You can't parse [X]HTML with regex, because [Zalgo is coming](http://stackoverflow.com/questions/1732348/regex-match-open-tags-except-xhtml-self-contained-tags/1732454#1732454)! — Oriol, Oct 09 '13 at 02:15
@Oriol There is a difference between "parsing html" and getting the content of an attribute. With regex the point of failure would be if an image tag was contained in a comment (could be acceptable), but on the other end a proper parsing solution will fail if the HTML isn't valid so the "proper solution" is also not perfect. Can't parse arbitrary HTML with regex, but for simple operations on a known format, Regex is quite workable. PS: Voting down the first question of a new user who explained clearly his problem and tried to solve it??? — Sylverdrag, Oct 09 '13 at 03:27
@Sylverdrag Yes, but asker didn't say that the html string is trusted and has always the same format, so I only wanted to warn. And the downvote is not mine. — Oriol, Oct 09 '13 at 17:08
@Oriol The asker did not say that, but he is going through the result of $post->post_content.
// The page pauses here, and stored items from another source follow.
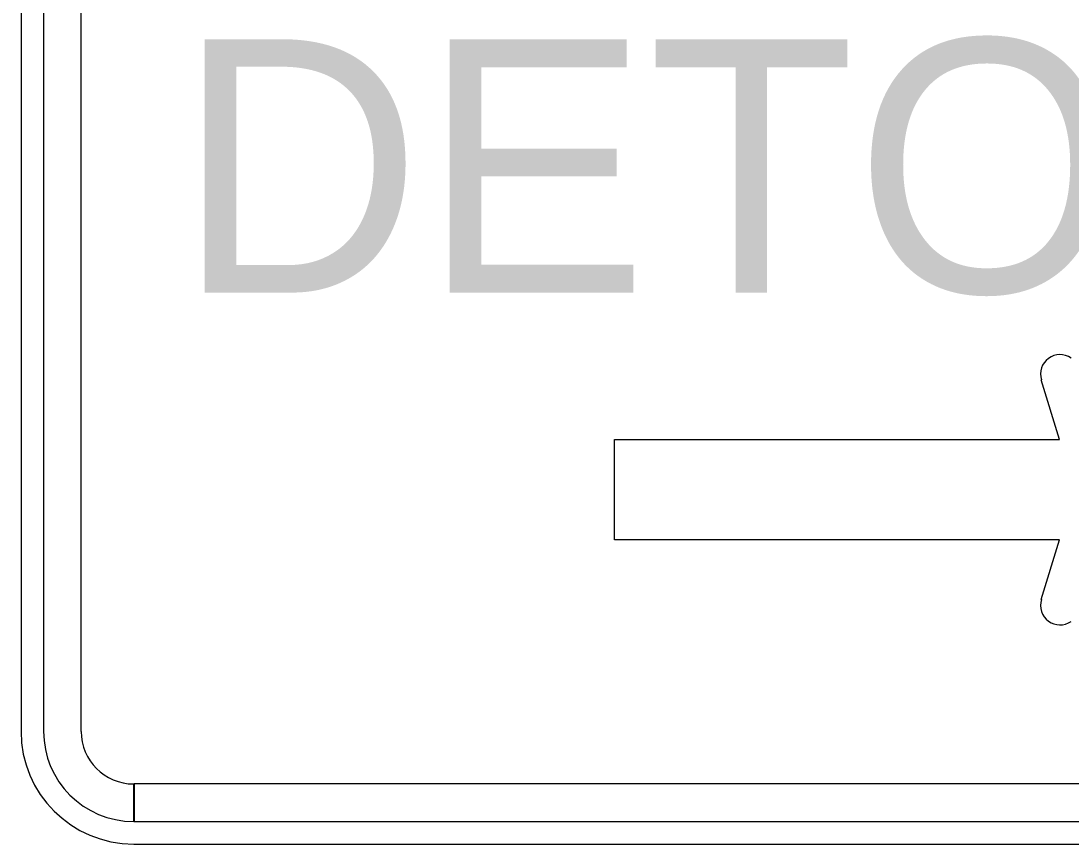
# Model space of a CAD drawing. Extents: x 1458 to 4498, y 17709 to 24109.
# Drawn here: x 1514.42 to 1549.37, y 20888.83 to 20916.23 of the extents above; entities that cross this region are included whole.
import ezdxf

# ---------------------------------------------------------------- set-up
doc = ezdxf.new("R2010")
doc.units = 0
doc.layers.add('P_TRAF_TCP_General', color=7, linetype='Continuous')

msp = doc.modelspace()

# ---------------------------------------------------------------- linework, layer by layer
at = {"layer": 'P_TRAF_TCP_General'}
for p, q in [((1514.424, 20933.077), (1514.424, 20892.577)), ((1515.174, 20933.077), (1515.174, 20892.577)), ((1515.174, 20933.077), (1515.174, 20892.577)), ((1516.424, 20892.577), (1516.424, 20933.077)), ((1518.174, 20889.577), (1518.174, 20890.827)), ((1570.674, 20890.827), (1518.186, 20890.827)), ((1518.186, 20890.827), (1518.186, 20889.577)), ((1518.174, 20889.577), (1570.674, 20889.577)), ((1518.186, 20889.577), (1570.674, 20889.577)), ((1518.174, 20888.827), (1570.674, 20888.827))]:
    msp.add_line(p, q, dxfattribs=at)
for points in [[(1534.174, 20898.953), (1534.174, 20902.293), (1548.99, 20902.293), (1548.38, 20904.283)], [(1534.174, 20898.953), (1534.174, 20902.293), (1548.99, 20902.293), (1548.38, 20904.283)], [(1534.174, 20898.953), (1534.174, 20902.293), (1548.99, 20902.293), (1548.38, 20904.283)], [(1548.38, 20896.963), (1548.99, 20898.953), (1534.174, 20898.953)], [(1548.38, 20896.963), (1548.99, 20898.953), (1534.174, 20898.953)], [(1548.38, 20896.963), (1548.99, 20898.953), (1534.174, 20898.953)]]:
    msp.add_lwpolyline(points, dxfattribs=at)
for centre, radius, start, end in [((1549.001, 20904.474), 0.649, 55.6003, 197.0573), ((1549.001, 20904.474), 0.649, 55.6003, 197.0573), ((1549.001, 20904.474), 0.649, 55.6003, 197.0573), ((1549.001, 20896.773), 0.649, 162.9427, 304.3997), ((1549.001, 20896.773), 0.649, 162.9427, 304.3997), ((1549.001, 20896.773), 0.649, 162.9427, 304.3997), ((1518.174, 20892.577), 3.75, 180, 270), ((1518.174, 20892.577), 3, 180, 270), ((1518.174, 20892.577), 3, 180, 270), ((1518.174, 20892.577), 1.75, 180, 270)]:
    msp.add_arc(centre, radius, start, end, dxfattribs=at)

# ---------------------------------------------------------------- texts
msp.add_text('DETOUR', height=8.4375, dxfattribs=at).set_placement((1519.613, 20907.188))

doc.saveas('drawing.dxf')

I think it's a safe assumption that the source HTML is the HTML content of his Wordpress page. For the downvote, sorry, I suspected it wasn't you, but I was too lazy to write that observation in a separate comment. — Sylverdrag, Oct 10 '13 at 05:07

score 1 · Answer 1 · answered Oct 09 '13 at 02:43

Easier to loop through the results and use a different regex.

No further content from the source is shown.